» YOUR ASSIGNMENT: Exact copy, pictures excluded: output the lines from the opening of the entries through the line bearing "(0, 0.60833)], close=True)".

◇ ◇ ◇ ◇

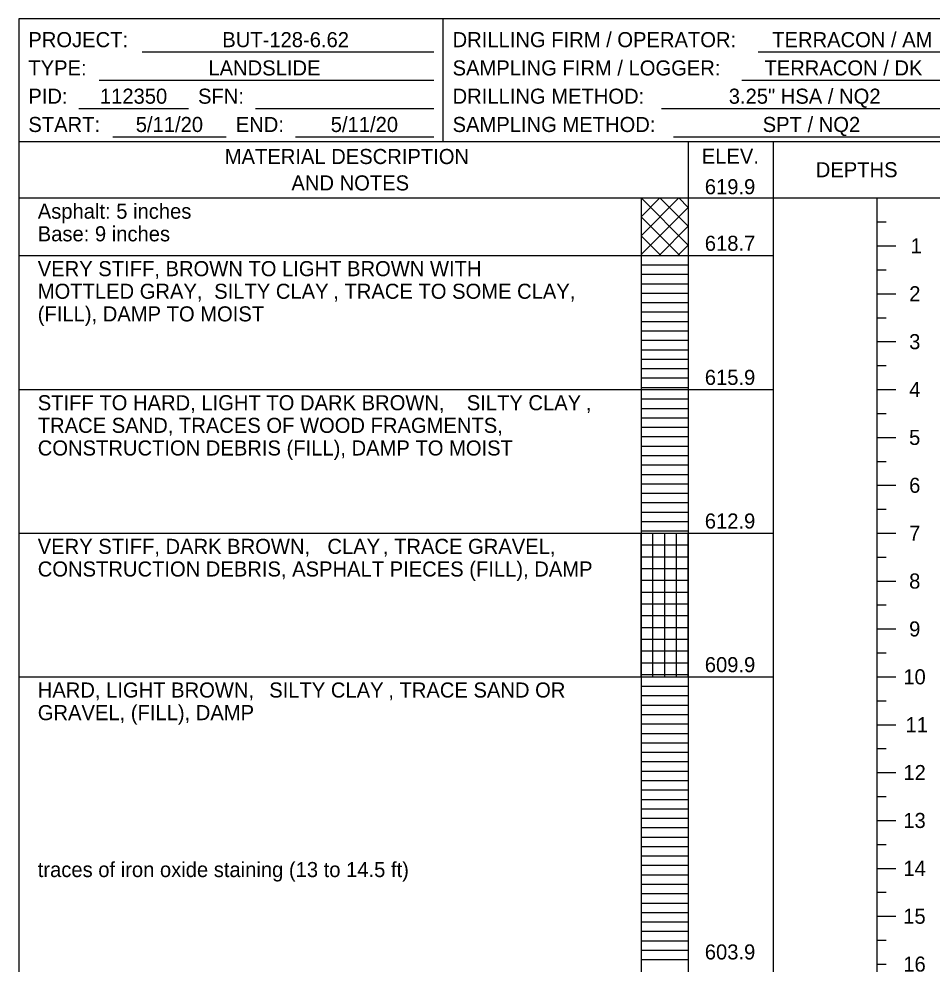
# Model space of a CAD drawing. Extents: x 0 to 0.833, y -0.32 to 0.608.
# Drawn here: x 0 to 0.4036, y 0.1905 to 0.6083 of the extents above; entities that cross this region are included whole.
import ezdxf

# ---------------------------------------------------------------- set-up
doc = ezdxf.new("R2010")
doc.units = 0

msp = doc.modelspace()

# ---------------------------------------------------------------- linework, layer by layer
msp.add_lwpolyline([(0, -0.32004), (0.83333, -0.32004), (0.83333, 0.60833), (0, 0.60833)], close=True)
for points in [[(0.1875, 0.55417), (0.1875, 0.60833)], [(0.05444, 0.59375), (0.18333, 0.59375)], [(0.32667, 0.59375), (0.4125, 0.59375)], [(0.03542, 0.58125), (0.18333, 0.58125)], [(0.31944, 0.58125), (0.4125, 0.58125)], [(0.02653, 0.56875), (0.075, 0.56875)], [(0.10458, 0.56875), (0.18333, 0.56875)], [(0.28403, 0.56875), (0.4125, 0.56875)], [(0.04153, 0.55625), (0.09167, 0.55625)], [(0.12222, 0.55625), (0.18333, 0.55625)], [(0.2893, 0.55625), (0.4125, 0.55625)], [(0, 0.55417), (0.83333, 0.55417)], [(0, 0.55417), (0.83333, 0.55417)], [(0, 0.55417), (0.83333, 0.55417)], [(0, 0.55417), (0.83333, 0.55417)], [(0, 0.55417), (0.83333, 0.55417)], [(0.29583, 0.55417), (0.29583, -0.27517)], [(0.29583, 0.55417), (0.29583, -0.27517)], [(0.33333, 0.55417), (0.33333, -0.27517)], [(0.33333, 0.55417), (0.33333, -0.27517)], [(0, 0.52917), (0.83333, 0.52917)], [(0, 0.52917), (0.83333, 0.52917)], [(0, 0.52917), (0.83333, 0.52917)], [(0, 0.52917), (0.83333, 0.52917)], [(0, 0.52917), (0.83333, 0.52917)], [(0.275, 0.52917), (0.29583, 0.50833)], [(0.275, 0.52083), (0.28333, 0.52917)], [(0.275, 0.5125), (0.29167, 0.52917)], [(0.275, 0.52917), (0.275, 0.50377)], [(0.275, 0.52917), (0.275, -0.27517)], [(0.28333, 0.52917), (0.29583, 0.51667)], [(0.29167, 0.52917), (0.29583, 0.525)], [(0.29583, 0.52917), (0.33333, 0.52917)], [(0.37917, 0.52917), (0.37917, -0.27517)], [(0.275, 0.50417), (0.29583, 0.525)], [(0.275, 0.52083), (0.29207, 0.50377)], [(0.37917, 0.51858), (0.38333, 0.51858)], [(0.28293, 0.50377), (0.29583, 0.51667)], [(0.275, 0.5125), (0.28373, 0.50377)], [(0.29127, 0.50377), (0.29583, 0.50833)], [(0.37917, 0.508), (0.3875, 0.508)], [(0.37917, 0.508), (0.38333, 0.508)], [(0, 0.50377), (0.275, 0.50377)], [(0.275, 0.50417), (0.2754, 0.50377)], [(0.275, 0.50377), (0.29583, 0.50377)], [(0.275, 0.50377), (0.29583, 0.50377)], [(0.275, 0.50377), (0.275, 0.4445)], [(0.29583, 0.50377), (0.33333, 0.50377)], [(0.275, 0.4996), (0.29583, 0.4996)], [(0.37917, 0.49742), (0.38333, 0.49742)], [(0.275, 0.49543), (0.29583, 0.49543)], [(0.275, 0.49127), (0.29583, 0.49127)], [(0.275, 0.4871), (0.29583, 0.4871)], [(0.37917, 0.48683), (0.3875, 0.48683)], [(0.37917, 0.48683), (0.38333, 0.48683)], [(0.275, 0.48293), (0.29583, 0.48293)], [(0.275, 0.47877), (0.29583, 0.47877)], [(0.275, 0.4746), (0.29583, 0.4746)], [(0.37917, 0.47625), (0.38333, 0.47625)], [(0.275, 0.47043), (0.29583, 0.47043)], [(0.275, 0.46627), (0.29583, 0.46627)], [(0.37917, 0.46567), (0.3875, 0.46567)], [(0.37917, 0.46567), (0.38333, 0.46567)], [(0.275, 0.4621), (0.29583, 0.4621)], [(0.275, 0.45793), (0.29583, 0.45793)], [(0.275, 0.45377), (0.29583, 0.45377)], [(0.37917, 0.45508), (0.38333, 0.45508)], [(0.275, 0.4496), (0.29583, 0.4496)], [(0, 0.4445), (0.275, 0.4445)], [(0.275, 0.44543), (0.29583, 0.44543)], [(0.275, 0.4445), (0.29583, 0.4445)], [(0.275, 0.4445), (0.29583, 0.4445)], [(0.275, 0.4445), (0.275, 0.381)], [(0.29583, 0.4445), (0.33333, 0.4445)], [(0.37917, 0.4445), (0.3875, 0.4445)], [(0.37917, 0.4445), (0.38333, 0.4445)], [(0.275, 0.44033), (0.29583, 0.44033)], [(0.275, 0.43617), (0.29583, 0.43617)], [(0.275, 0.432), (0.29583, 0.432)], [(0.37917, 0.43392), (0.38333, 0.43392)], [(0.275, 0.42783), (0.29583, 0.42783)], [(0.275, 0.42367), (0.29583, 0.42367)], [(0.37917, 0.42333), (0.3875, 0.42333)], [(0.37917, 0.42333), (0.38333, 0.42333)], [(0.275, 0.4195), (0.29583, 0.4195)], [(0.275, 0.41533), (0.29583, 0.41533)], [(0.275, 0.41117), (0.29583, 0.41117)], [(0.37917, 0.41275), (0.38333, 0.41275)], [(0.275, 0.407), (0.29583, 0.407)], [(0.275, 0.40283), (0.29583, 0.40283)], [(0.37917, 0.40217), (0.3875, 0.40217)], [(0.37917, 0.40217), (0.38333, 0.40217)], [(0.275, 0.39867), (0.29583, 0.39867)], [(0.275, 0.3945), (0.29583, 0.3945)], [(0.275, 0.39033), (0.29583, 0.39033)], [(0.37917, 0.39158), (0.38333, 0.39158)], [(0.275, 0.38617), (0.29583, 0.38617)], [(0, 0.381), (0.275, 0.381)], [(0.275, 0.382), (0.29583, 0.382)], [(0.275, 0.381), (0.29583, 0.381)], [(0.275, 0.381), (0.29583, 0.381)], [(0.275, 0.3175), (0.275, 0.381)], [(0.275, 0.381), (0.275, 0.3175)], [(0.28021, 0.3175), (0.28021, 0.381)], [(0.28542, 0.3175), (0.28542, 0.381)], [(0.29062, 0.3175), (0.29062, 0.381)], [(0.29583, 0.3175), (0.29583, 0.381)], [(0.29583, 0.381), (0.33333, 0.381)], [(0.37917, 0.381), (0.3875, 0.381)], [(0.37917, 0.381), (0.38333, 0.381)], [(0.275, 0.37579), (0.29583, 0.37579)], [(0.275, 0.37058), (0.29583, 0.37058)], [(0.37917, 0.37042), (0.38333, 0.37042)], [(0.275, 0.36537), (0.29583, 0.36537)], [(0.275, 0.36017), (0.29583, 0.36017)], [(0.37917, 0.35983), (0.3875, 0.35983)], [(0.37917, 0.35983), (0.38333, 0.35983)], [(0.275, 0.35496), (0.29583, 0.35496)], [(0.275, 0.34975), (0.29583, 0.34975)], [(0.37917, 0.34925), (0.38333, 0.34925)], [(0.275, 0.34454), (0.29583, 0.34454)], [(0.275, 0.33933), (0.29583, 0.33933)], [(0.37917, 0.33867), (0.3875, 0.33867)], [(0.37917, 0.33867), (0.38333, 0.33867)], [(0.275, 0.33412), (0.29583, 0.33412)], [(0.275, 0.32892), (0.29583, 0.32892)], [(0.37917, 0.32808), (0.38333, 0.32808)], [(0.275, 0.32371), (0.29583, 0.32371)], [(0.275, 0.3185), (0.29583, 0.3185)], [(0, 0.3175), (0.275, 0.3175)], [(0.275, 0.3175), (0.29583, 0.3175)], [(0.275, 0.3175), (0.29583, 0.3175)], [(0.275, 0.3175), (0.275, 0.1905)], [(0.29583, 0.3175), (0.33333, 0.3175)], [(0.37917, 0.3175), (0.3875, 0.3175)], [(0.37917, 0.3175), (0.38333, 0.3175)], [(0.275, 0.31333), (0.29583, 0.31333)], [(0.275, 0.30917), (0.29583, 0.30917)], [(0.37917, 0.30692), (0.38333, 0.30692)], [(0.275, 0.305), (0.29583, 0.305)], [(0.275, 0.30083), (0.29583, 0.30083)], [(0.275, 0.29667), (0.29583, 0.29667)], [(0.275, 0.2925), (0.29583, 0.2925)], [(0.37917, 0.29633), (0.3875, 0.29633)], [(0.37917, 0.29633), (0.38333, 0.29633)], [(0.275, 0.28833), (0.29583, 0.28833)], [(0.275, 0.28417), (0.29583, 0.28417)], [(0.37917, 0.28575), (0.38333, 0.28575)], [(0.275, 0.28), (0.29583, 0.28)], [(0.275, 0.27583), (0.29583, 0.27583)], [(0.275, 0.27167), (0.29583, 0.27167)], [(0.37917, 0.27517), (0.3875, 0.27517)], [(0.37917, 0.27517), (0.38333, 0.27517)], [(0.275, 0.2675), (0.29583, 0.2675)], [(0.275, 0.26333), (0.29583, 0.26333)], [(0.37917, 0.26458), (0.38333, 0.26458)], [(0.275, 0.25917), (0.29583, 0.25917)], [(0.275, 0.255), (0.29583, 0.255)], [(0.275, 0.25083), (0.29583, 0.25083)], [(0.37917, 0.254), (0.3875, 0.254)], [(0.37917, 0.254), (0.38333, 0.254)], [(0.275, 0.24667), (0.29583, 0.24667)], [(0.275, 0.2425), (0.29583, 0.2425)], [(0.37917, 0.24342), (0.38333, 0.24342)], [(0.275, 0.23833), (0.29583, 0.23833)], [(0.275, 0.23417), (0.29583, 0.23417)], [(0.275, 0.23), (0.29583, 0.23)], [(0.37917, 0.23283), (0.3875, 0.23283)], [(0.37917, 0.23283), (0.38333, 0.23283)], [(0.275, 0.22583), (0.29583, 0.22583)], [(0.275, 0.22167), (0.29583, 0.22167)], [(0.37917, 0.22225), (0.38333, 0.22225)], [(0.275, 0.2175), (0.29583, 0.2175)], [(0.275, 0.21333), (0.29583, 0.21333)], [(0.275, 0.20917), (0.29583, 0.20917)], [(0.37917, 0.21167), (0.3875, 0.21167)], [(0.37917, 0.21167), (0.38333, 0.21167)], [(0.275, 0.205), (0.29583, 0.205)], [(0.275, 0.20083), (0.29583, 0.20083)], [(0.37917, 0.20108), (0.38333, 0.20108)], [(0.275, 0.19667), (0.29583, 0.19667)], [(0.275, 0.1925), (0.29583, 0.1925)], [(0.37917, 0.1905), (0.38333, 0.1905)]]:
    msp.add_lwpolyline(points)

# ---------------------------------------------------------------- texts
for s, height, p in [('PROJECT:', 0.006667, (0.00417, 0.59583)), ('BUT-128-6.62', 0.0066667, (0.08989, 0.59583)), ('DRILLING FIRM / OPERATOR:', 0.0066667, (0.19167, 0.59583)), ('TERRACON / AM', 0.0066667, (0.33293, 0.59583)), ('TYPE:', 0.006667, (0.00417, 0.58333)), ('LANDSLIDE', 0.006667, (0.08374, 0.58333)), ('SAMPLING FIRM / LOGGER:', 0.0066667, (0.19167, 0.58333)), ('TERRACON / DK', 0.0066667, (0.32949, 0.58333)), ('PID:', 0.006667, (0.00417, 0.57083)), ('112350', 0.006667, (0.0358, 0.57083)), ('SFN:', 0.006667, (0.07917, 0.57083)), ('DRILLING METHOD:', 0.0066667, (0.19167, 0.57083)), ('3.25" HSA / NQ2', 0.0066667, (0.31373, 0.57083)), ('START:', 0.006667, (0.00417, 0.55833)), ('5/11/20', 0.006667, (0.05164, 0.55833)), ('END:', 0.006667, (0.09583, 0.55833)), ('5/11/20', 0.006667, (0.13782, 0.55833)), ('SAMPLING METHOD:', 0.0066667, (0.19167, 0.55833)), ('SPT / NQ2', 0.006667, (0.32872, 0.55833)), ('MATERIAL DESCRIPTION', 0.0066667, (0.09097, 0.54417)), ('ELEV.', 0.006667, (0.30179, 0.54437)), ('DEPTHS', 0.006667, (0.35218, 0.53833)), ('AND NOTES', 0.006667, (0.12044, 0.5325)), ('619.9', 0.006667, (0.30314, 0.53083)), ('Asphalt: 5 inches', 0.0066667, (0.00833, 0.52)), ('Base: 9 inches', 0.0066667, (0.00833, 0.51)), ('618.7', 0.006667, (0.30314, 0.50581)), ('1', 0.00667, (0.3941, 0.50467)), ('VERY STIFF, BROWN TO LIGHT BROWN WITH', 0.0066667, (0.00833, 0.4946)), ('MOTTLED GRAY, ', 0.0066667, (0.00833, 0.4846)), ('SILTY CLAY', 0.006667, (0.08631, 0.4846)), (', TRACE TO SOME CLAY,', 0.0066667, (0.13894, 0.4846)), ('2', 0.00667, (0.39349, 0.4835)), ('(FILL), DAMP TO MOIST', 0.0066667, (0.00833, 0.4746)), ('3', 0.00667, (0.39345, 0.46233)), ('615.9', 0.006667, (0.30314, 0.44654)), ('4', 0.00667, (0.39347, 0.44117)), ('STIFF TO HARD, LIGHT TO DARK BROWN, ', 0.0066667, (0.00833, 0.43533)), ('SILTY CLAY', 0.006667, (0.19794, 0.43533)), (',', 0.00667, (0.25057, 0.43533)), ('TRACE SAND, TRACES OF WOOD FRAGMENTS,', 0.0066667, (0.00833, 0.42533)), ('5', 0.00667, (0.39343, 0.42)), ('CONSTRUCTION DEBRIS (FILL), DAMP TO MOIST', 0.0066667, (0.00833, 0.41533)), ('6', 0.00667, (0.39345, 0.39883)), ('612.9', 0.006667, (0.30314, 0.38304)), ('7', 0.00667, (0.39345, 0.37767)), ('VERY STIFF, DARK BROWN, ', 0.0066667, (0.00833, 0.37183)), ('CLAY', 0.006667, (0.13635, 0.37183)), (', TRACE GRAVEL,', 0.0066667, (0.16086, 0.37183)), ('CONSTRUCTION DEBRIS, ASPHALT PIECES (FILL), DAMP', 0.0066667, (0.00833, 0.36183)), ('8', 0.00667, (0.39345, 0.3565)), ('9', 0.00667, (0.39345, 0.33533)), ('609.9', 0.006667, (0.30314, 0.31954)), ('10', 0.006667, (0.39088, 0.31417)), ('HARD, LIGHT BROWN, ', 0.0066667, (0.00833, 0.30833)), ('SILTY CLAY', 0.006667, (0.11063, 0.30833)), (', TRACE SAND OR', 0.0066667, (0.16326, 0.30833)), ('GRAVEL, (FILL), DAMP', 0.0066667, (0.00833, 0.29833)), ('11', 0.006667, (0.39186, 0.293)), ('12', 0.006667, (0.3909, 0.27183)), ('13', 0.006667, (0.39087, 0.25067)), ('traces of iron oxide staining (13 to 14.5 ft)', 0.0066667, (0.00833, 0.22896)), ('14', 0.006667, (0.39088, 0.2295)), ('15', 0.006667, (0.39084, 0.20833)), ('603.9', 0.006667, (0.30314, 0.19254)), ('16', 0.006667, (0.39087, 0.18717))]:
    msp.add_text(s, height=height).set_placement(p)

doc.saveas('drawing.dxf')

◇ ◇ ◇ ◇

» FINAL ANSWER:
# Model space of a CAD drawing. Extents: x 0 to 0.833, y -0.32 to 0.608.
# Drawn here: x 0 to 0.4036, y 0.1905 to 0.6083 of the extents above; entities that cross this region are included whole.
import ezdxf

# ---------------------------------------------------------------- set-up
doc = ezdxf.new("R2010")
doc.units = 0

msp = doc.modelspace()

# ---------------------------------------------------------------- linework, layer by layer
msp.add_lwpolyline([(0, -0.32004), (0.83333, -0.32004), (0.83333, 0.60833), (0, 0.60833)], close=True)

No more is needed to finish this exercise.